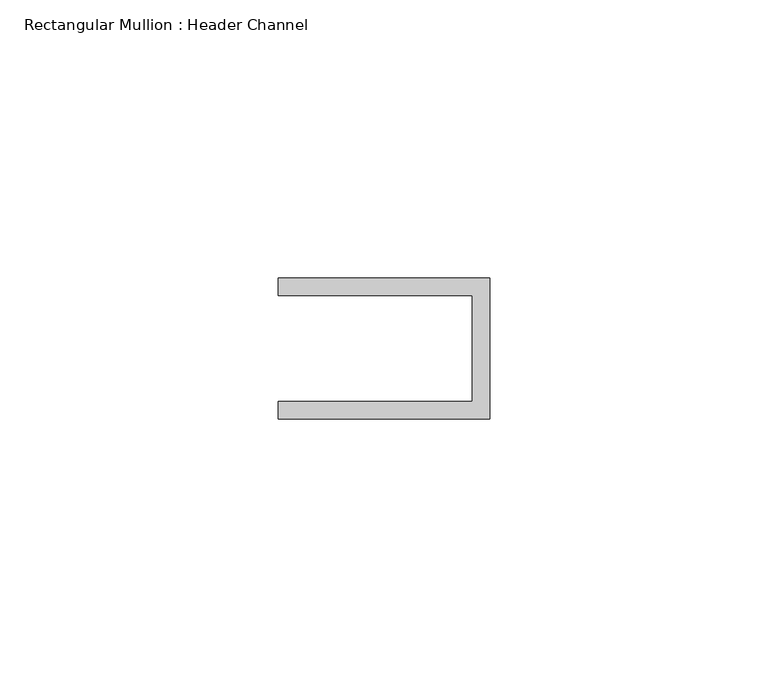
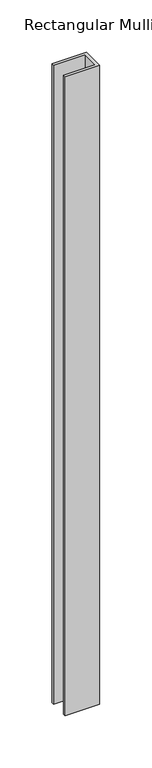
"""IFC4 building model written with IfcOpenShell, lengths in millimetres: member geometry, Rectangular Mullion : Header Channel."""

from ifc_helpers import new_model, si_unit, frame, origin, place, context, project, spatial, polyline, outline, extrude, source, transform, mapped, element, save


def rectangular_mullion_header_channel_7adf1b7f(model_context):
    return source(origin(), model_context, "Body", "SweptSolid", [
        extrude(outline(polyline([(0.0, -12.7), (-38.1, -12.7), (-38.1, -9.525), (-3.175, -9.525), (-3.175, 9.525), (-38.1, 9.525), (-38.1, 12.7), (0.0, 12.7), (0.0, -12.7)])), frame((0.0, 0.0, -747.1996433), z_axis=(0.0, 0.0, 1.0), x_axis=(1.0, 0.0, 0.0)), (0.0, 0.0, 1.0), 747.1996433),
    ])


if __name__ == "__main__":
    model = new_model("IFC4")
    model_context = context("Model", 3, world=origin())
    ifc_project = project(units=[si_unit("LENGTHUNIT", "METRE", prefix="MILLI")], contexts=[model_context])
    site = spatial("IfcSite", under=ifc_project)
    building = spatial("IfcBuilding", under=site)
    placement = place(None, origin())
    rectangular_mullion_header_channel_shape = rectangular_mullion_header_channel_7adf1b7f(model_context)
    element("IfcMember", 1, ObjectType="Rectangular Mullion : Header Channel", at=placement, inside=building, context=model_context, shape_type="MappedRepresentation", body=[
        mapped(rectangular_mullion_header_channel_shape, transform((0.0, 0.0, 0.0), x_axis=(1.0, 0.0, 0.0), y_axis=(0.0, 1.0, 0.0), z_axis=(0.0, 0.0, 1.0))),
    ])
    save(model, "model.ifc")

# Revit data of these elements
# Type "Rectangular Mullion : Header Channel"
#   built-in parameter 1007322 = 0.0833333 (stored number, unit not read)
#   built-in parameter 1007321 = -0.03125 (stored number, unit not read)
#   built-in parameter 1007320 = 0.0416667 (stored number, unit not read)
# Element 1 (IfcMember, "Rectangular Mullion : Header Channel")
#   Materials on its faces: "ALUM"
# Materials
#   "ALUM": class "Generic", colour RGB 157 157 157, transparency 0, Cost = 0
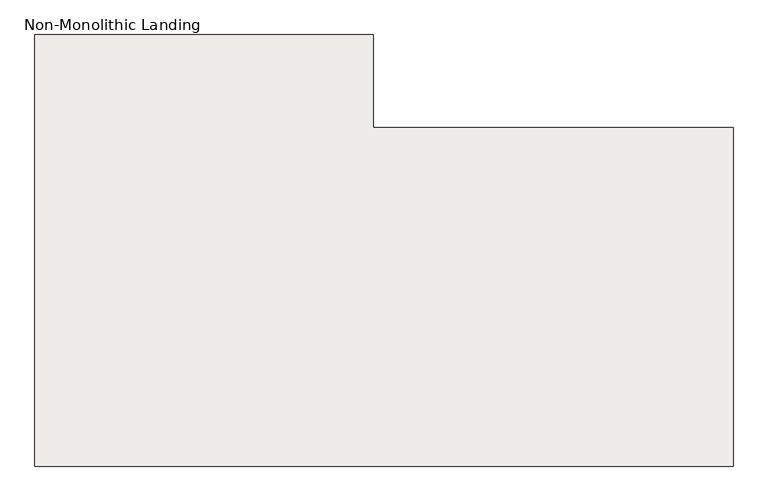
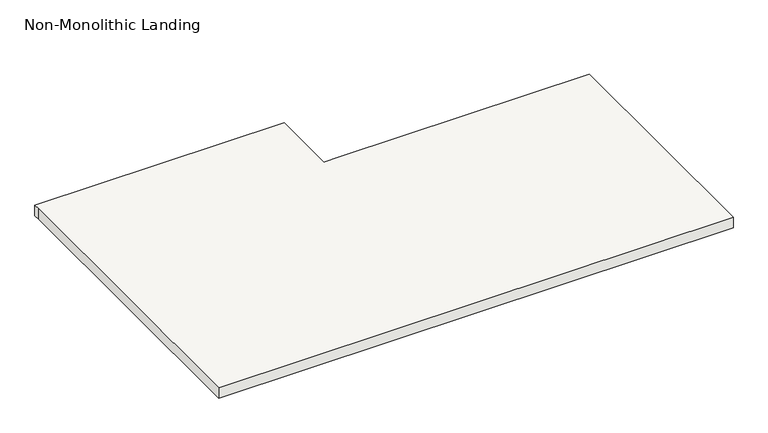
"""IFC4 building model written with IfcOpenShell, lengths in millimetres: slab geometry, Non-Monolithic Landing."""

from ifc_helpers import new_model, si_unit, frame, origin, place, context, project, spatial, polyline, outline, extrude, source, transform, mapped, element, save


def non_monolithic_landing_7c6f6286(model_context):
    return source(origin(), model_context, "Body", "SweptSolid", [
        extrude(outline(polyline([(-54750.7723171, 248286.149125), (-54750.7723171, 247270.149125), (-56846.2723171, 247270.149125), (-56846.2723171, 248540.149125), (-56846.2723171, 248565.549125), (-55830.2723171, 248565.549125), (-55830.2723171, 248540.149125), (-55830.2723171, 248286.149125), (-55766.7723171, 248286.149125), (-54750.7723171, 248286.149125)])), frame((0.0, 0.0, 1327.15), z_axis=(0.0, 0.0, 1.0), x_axis=(1.0, 0.0, 0.0)), (0.0, 0.0, 1.0), 44.45),
    ])


if __name__ == "__main__":
    model = new_model("IFC4")
    model_context = context("Model", 3, world=origin())
    ifc_project = project(units=[si_unit("LENGTHUNIT", "METRE", prefix="MILLI")], contexts=[model_context])
    site = spatial("IfcSite", under=ifc_project)
    building = spatial("IfcBuilding", under=site)
    placement = place(None, origin())
    non_monolithic_landing_shape = non_monolithic_landing_7c6f6286(model_context)
    element("IfcSlab", 1, ObjectType="Non-Monolithic Landing", at=placement, inside=building, context=model_context, shape_type="MappedRepresentation", body=[
        mapped(non_monolithic_landing_shape, transform((0.0, 0.0, 0.0), x_axis=(1.0, 0.0, 0.0), y_axis=(0.0, 1.0, 0.0), z_axis=(0.0, 0.0, 1.0))),
    ])
    save(model, "model.ifc")

# Revit data of these elements
# Element 1 (IfcSlab, "Non-Monolithic Landing")
#   Materials on its faces: "Wood - Flooring"
# Materials
#   "Wood - Flooring": class "Unassigned", colour RGB 216 169 114, transparency 0
_ _ _
▶ [EXERCISE BRIEF]
Each line above is to be duplicated exactly, and the pictures are to be omitted.

▶ [TASK RESPONSE]
"""IFC4 building model written with IfcOpenShell, lengths in millimetres: member geometry, Rectangular Mullion : Header Channel."""

from ifc_helpers import new_model, si_unit, frame, origin, place, context, project, spatial, polyline, outline, extrude, source, transform, mapped, element, save


def rectangular_mullion_header_channel_7adf1b7f(model_context):
    return source(origin(), model_context, "Body", "SweptSolid", [
        extrude(outline(polyline([(0.0, -12.7), (-38.1, -12.7), (-38.1, -9.525), (-3.175, -9.525), (-3.175, 9.525), (-38.1, 9.525), (-38.1, 12.7), (0.0, 12.7), (0.0, -12.7)])), frame((0.0, 0.0, -747.1996433), z_axis=(0.0, 0.0, 1.0), x_axis=(1.0, 0.0, 0.0)), (0.0, 0.0, 1.0), 747.1996433),
    ])


if __name__ == "__main__":
    model = new_model("IFC4")
    model_context = context("Model", 3, world=origin())
    ifc_project = project(units=[si_unit("LENGTHUNIT", "METRE", prefix="MILLI")], contexts=[model_context])
    site = spatial("IfcSite", under=ifc_project)
    building = spatial("IfcBuilding", under=site)
    placement = place(None, origin())
    rectangular_mullion_header_channel_shape = rectangular_mullion_header_channel_7adf1b7f(model_context)
    element("IfcMember", 1, ObjectType="Rectangular Mullion : Header Channel", at=placement, inside=building, context=model_context, shape_type="MappedRepresentation", body=[
        mapped(rectangular_mullion_header_channel_shape, transform((0.0, 0.0, 0.0), x_axis=(1.0, 0.0, 0.0), y_axis=(0.0, 1.0, 0.0), z_axis=(0.0, 0.0, 1.0))),
    ])
    save(model, "model.ifc")

# Revit data of these elements
# Type "Rectangular Mullion : Header Channel"
#   built-in parameter 1007322 = 0.0833333 (stored number, unit not read)
#   built-in parameter 1007321 = -0.03125 (stored number, unit not read)
#   built-in parameter 1007320 = 0.0416667 (stored number, unit not read)
# Element 1 (IfcMember, "Rectangular Mullion : Header Channel")
#   Materials on its faces: "ALUM"
# Materials
#   "ALUM": class "Generic", colour RGB 157 157 157, transparency 0, Cost = 0
"""IFC4 building model written with IfcOpenShell, lengths in millimetres: slab geometry, Non-Monolithic Landing."""

from ifc_helpers import new_model, si_unit, frame, origin, place, context, project, spatial, polyline, outline, extrude, source, transform, mapped, element, save


def non_monolithic_landing_7c6f6286(model_context):
    return source(origin(), model_context, "Body", "SweptSolid", [
        extrude(outline(polyline([(-54750.7723171, 248286.149125), (-54750.7723171, 247270.149125), (-56846.2723171, 247270.149125), (-56846.2723171, 248540.149125), (-56846.2723171, 248565.549125), (-55830.2723171, 248565.549125), (-55830.2723171, 248540.149125), (-55830.2723171, 248286.149125), (-55766.7723171, 248286.149125), (-54750.7723171, 248286.149125)])), frame((0.0, 0.0, 1327.15), z_axis=(0.0, 0.0, 1.0), x_axis=(1.0, 0.0, 0.0)), (0.0, 0.0, 1.0), 44.45),
    ])


if __name__ == "__main__":
    model = new_model("IFC4")
    model_context = context("Model", 3, world=origin())
    ifc_project = project(units=[si_unit("LENGTHUNIT", "METRE", prefix="MILLI")], contexts=[model_context])
    site = spatial("IfcSite", under=ifc_project)
    building = spatial("IfcBuilding", under=site)
    placement = place(None, origin())
    non_monolithic_landing_shape = non_monolithic_landing_7c6f6286(model_context)
    element("IfcSlab", 1, ObjectType="Non-Monolithic Landing", at=placement, inside=building, context=model_context, shape_type="MappedRepresentation", body=[
        mapped(non_monolithic_landing_shape, transform((0.0, 0.0, 0.0), x_axis=(1.0, 0.0, 0.0), y_axis=(0.0, 1.0, 0.0), z_axis=(0.0, 0.0, 1.0))),
    ])
    save(model, "model.ifc")

# Revit data of these elements
# Element 1 (IfcSlab, "Non-Monolithic Landing")
#   Materials on its faces: "Wood - Flooring"
# Materials
#   "Wood - Flooring": class "Unassigned", colour RGB 216 169 114, transparency 0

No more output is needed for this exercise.